> _Task_: Set down the entries again word for word, without any of the images.

*** Source material ***

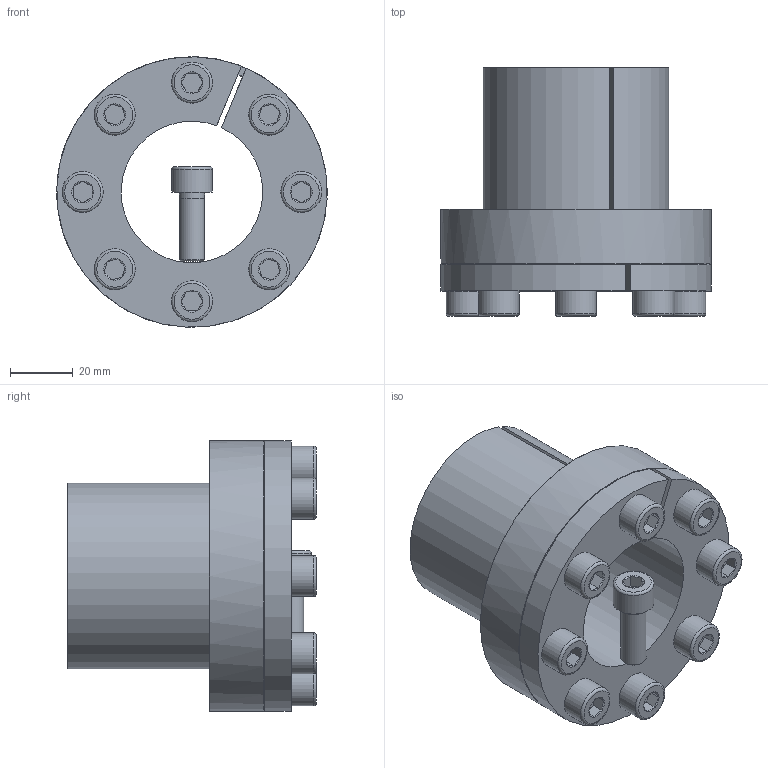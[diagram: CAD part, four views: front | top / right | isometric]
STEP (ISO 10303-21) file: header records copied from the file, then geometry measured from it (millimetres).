
FILE_DESCRIPTION( ( 'Unknown' ), '1' );
FILE_NAME( 'C:/Dokumente und Einstellungen/Sven/Desktop/homepage/cad - homepage/KBS80/KBS 80 - 45 x 59.stp', 'Unknown', ( 'Unknown' ), ( 'Unknown' ), 'XStep 1.0', 'Unknown', ' ' );
FILE_SCHEMA( ( 'automotive_design' ) );
Length unit declared in the file: millimetre
Products named in the file (10): Assem1; KBS 80 - 45 x 59; ISO EN DIN 4762 M8x22; ISO EN DIN 4762 M8x22-oa0; ISO EN DIN 4762 M8x22-oa1; ISO EN DIN 4762 M8x22-oa2; ISO EN DIN 4762 M8x22-oa3; ISO EN DIN 4762 M8x22-oa4; ISO EN DIN 4762 M8x22-oa5; ISO EN DIN 4762 M8x22-oa6
Bounding box: 86 x 79 x 86 mm (x, y, z)
Volume: 330173.5 mm3; surface area: 99022.8 mm2
Topology: 18 solids, 18 shells, 456 faces, 854 edges, 496 vertices
Faces by surface type: plane 208, cone 126, cylinder 90, torus 32
Full cylindrical faces by diameter (mm): 7 x16, 8 x48, 13 x16, 86 x2
Entity records: 5767 total; most frequent: CARTESIAN_POINT 1201, DIRECTION 932, ORIENTED_EDGE 682, AXIS2_PLACEMENT_3D 409, EDGE_LOOP 345, EDGE_CURVE 341, FACE_OUTER_BOUND 285, VERTEX_POINT 230

*** End of Source material ***

> _Solution_:
[diagram: CAD part, four views: front | top / right | isometric]
STEP (ISO 10303-21) file: header records copied from the file, then geometry measured from it (millimetres).
FILE_DESCRIPTION( ( 'Unknown' ), '1' );
FILE_NAME( 'C:/Dokumente und Einstellungen/Sven/Desktop/homepage/cad - homepage/KBS80/KBS 80 - 45 x 59.stp', 'Unknown', ( 'Unknown' ), ( 'Unknown' ), 'XStep 1.0', 'Unknown', ' ' );
FILE_SCHEMA( ( 'automotive_design' ) );
Length unit declared in the file: millimetre
Products named in the file (10): Assem1; KBS 80 - 45 x 59; ISO EN DIN 4762 M8x22; ISO EN DIN 4762 M8x22-oa0; ISO EN DIN 4762 M8x22-oa1; ISO EN DIN 4762 M8x22-oa2; ISO EN DIN 4762 M8x22-oa3; ISO EN DIN 4762 M8x22-oa4; ISO EN DIN 4762 M8x22-oa5; ISO EN DIN 4762 M8x22-oa6
Bounding box: 86 x 79 x 86 mm (x, y, z)
Volume: 330173.5 mm3; surface area: 99022.8 mm2
Topology: 18 solids, 18 shells, 456 faces, 854 edges, 496 vertices
Faces by surface type: plane 208, cone 126, cylinder 90, torus 32
Full cylindrical faces by diameter (mm): 7 x16, 8 x48, 13 x16, 86 x2
Entity records: 5767 total; most frequent: CARTESIAN_POINT 1201, DIRECTION 932, ORIENTED_EDGE 682, AXIS2_PLACEMENT_3D 409, EDGE_LOOP 345, EDGE_CURVE 341, FACE_OUTER_BOUND 285, VERTEX_POINT 230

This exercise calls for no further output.